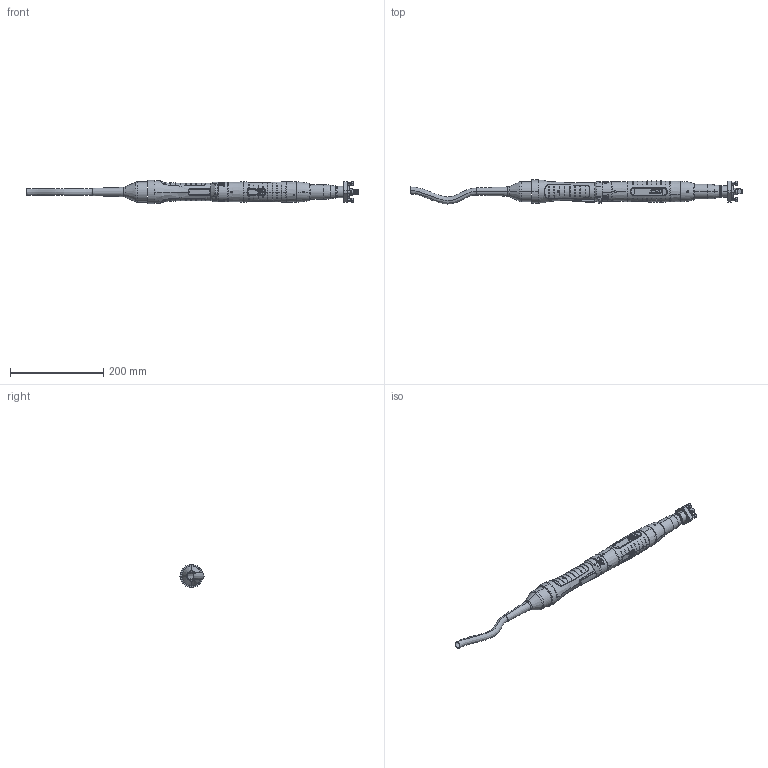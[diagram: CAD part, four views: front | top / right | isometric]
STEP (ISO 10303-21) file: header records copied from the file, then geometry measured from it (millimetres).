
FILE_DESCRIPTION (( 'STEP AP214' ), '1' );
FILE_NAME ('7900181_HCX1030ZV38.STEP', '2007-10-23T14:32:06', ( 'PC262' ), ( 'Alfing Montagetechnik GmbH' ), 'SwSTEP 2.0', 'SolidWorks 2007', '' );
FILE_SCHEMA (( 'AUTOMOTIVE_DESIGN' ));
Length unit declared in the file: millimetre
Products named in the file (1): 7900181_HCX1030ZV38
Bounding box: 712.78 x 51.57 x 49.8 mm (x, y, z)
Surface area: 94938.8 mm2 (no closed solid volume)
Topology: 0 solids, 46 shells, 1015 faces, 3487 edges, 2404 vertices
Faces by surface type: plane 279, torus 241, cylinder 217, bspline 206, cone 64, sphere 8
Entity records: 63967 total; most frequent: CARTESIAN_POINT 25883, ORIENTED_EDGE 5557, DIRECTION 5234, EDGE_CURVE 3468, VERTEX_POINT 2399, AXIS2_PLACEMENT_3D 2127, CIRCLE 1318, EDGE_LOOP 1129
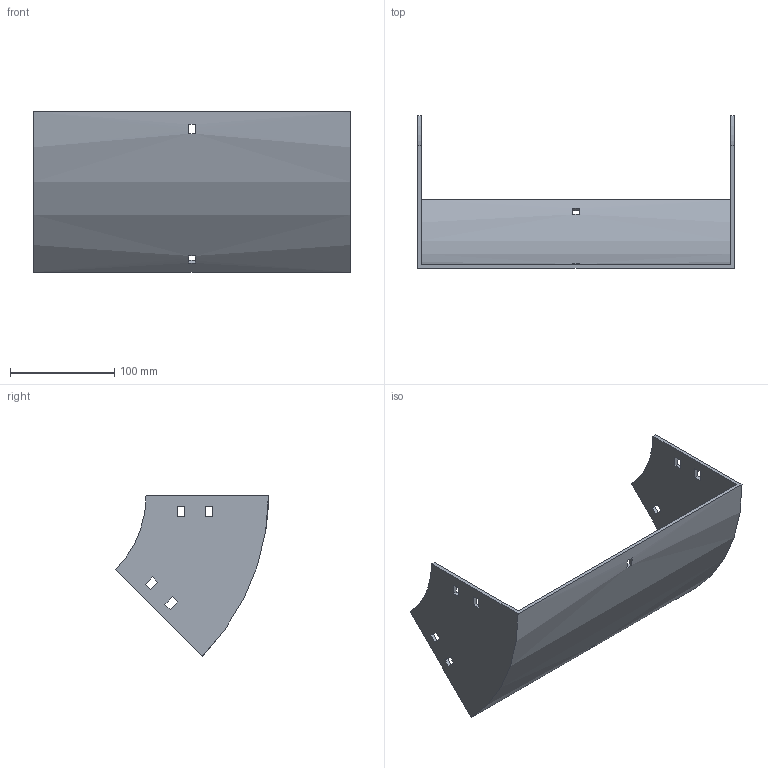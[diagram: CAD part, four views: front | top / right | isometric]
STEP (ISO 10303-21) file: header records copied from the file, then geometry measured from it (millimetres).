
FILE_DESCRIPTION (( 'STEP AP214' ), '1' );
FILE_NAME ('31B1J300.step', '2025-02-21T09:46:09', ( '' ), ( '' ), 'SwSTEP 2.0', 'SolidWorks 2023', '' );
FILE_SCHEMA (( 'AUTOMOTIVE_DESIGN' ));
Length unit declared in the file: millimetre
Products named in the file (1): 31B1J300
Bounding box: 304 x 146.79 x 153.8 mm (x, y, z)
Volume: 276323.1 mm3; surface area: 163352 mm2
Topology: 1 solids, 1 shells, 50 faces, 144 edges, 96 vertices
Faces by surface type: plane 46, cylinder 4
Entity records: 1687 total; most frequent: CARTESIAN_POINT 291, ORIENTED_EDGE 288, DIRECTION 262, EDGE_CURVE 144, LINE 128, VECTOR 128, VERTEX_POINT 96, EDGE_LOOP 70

**PROBLEM TO WORK ON:**
Every entry above needs to be duplicated precisely, and none of the pictures should appear.

**SOLUTION TO THE EXERCISE:**
[diagram: CAD part, four views: front | top / right | isometric]
STEP (ISO 10303-21) file: header records copied from the file, then geometry measured from it (millimetres).
FILE_DESCRIPTION (( 'STEP AP214' ), '1' );
FILE_NAME ('7900181_HCX1030ZV38.STEP', '2007-10-23T14:32:06', ( 'PC262' ), ( 'Alfing Montagetechnik GmbH' ), 'SwSTEP 2.0', 'SolidWorks 2007', '' );
FILE_SCHEMA (( 'AUTOMOTIVE_DESIGN' ));
Length unit declared in the file: millimetre
Products named in the file (1): 7900181_HCX1030ZV38
Bounding box: 712.78 x 51.57 x 49.8 mm (x, y, z)
Surface area: 94938.8 mm2 (no closed solid volume)
Topology: 0 solids, 46 shells, 1015 faces, 3487 edges, 2404 vertices
Faces by surface type: plane 279, torus 241, cylinder 217, bspline 206, cone 64, sphere 8
Entity records: 63967 total; most frequent: CARTESIAN_POINT 25883, ORIENTED_EDGE 5557, DIRECTION 5234, EDGE_CURVE 3468, VERTEX_POINT 2399, AXIS2_PLACEMENT_3D 2127, CIRCLE 1318, EDGE_LOOP 1129
[diagram: CAD part, four views: front | top / right | isometric]
STEP (ISO 10303-21) file: header records copied from the file, then geometry measured from it (millimetres).
FILE_DESCRIPTION (( 'STEP AP214' ), '1' );
FILE_NAME ('31B1J300.step', '2025-02-21T09:46:09', ( '' ), ( '' ), 'SwSTEP 2.0', 'SolidWorks 2023', '' );
FILE_SCHEMA (( 'AUTOMOTIVE_DESIGN' ));
Length unit declared in the file: millimetre
Products named in the file (1): 31B1J300
Bounding box: 304 x 146.79 x 153.8 mm (x, y, z)
Volume: 276323.1 mm3; surface area: 163352 mm2
Topology: 1 solids, 1 shells, 50 faces, 144 edges, 96 vertices
Faces by surface type: plane 46, cylinder 4
Entity records: 1687 total; most frequent: CARTESIAN_POINT 291, ORIENTED_EDGE 288, DIRECTION 262, EDGE_CURVE 144, LINE 128, VECTOR 128, VERTEX_POINT 96, EDGE_LOOP 70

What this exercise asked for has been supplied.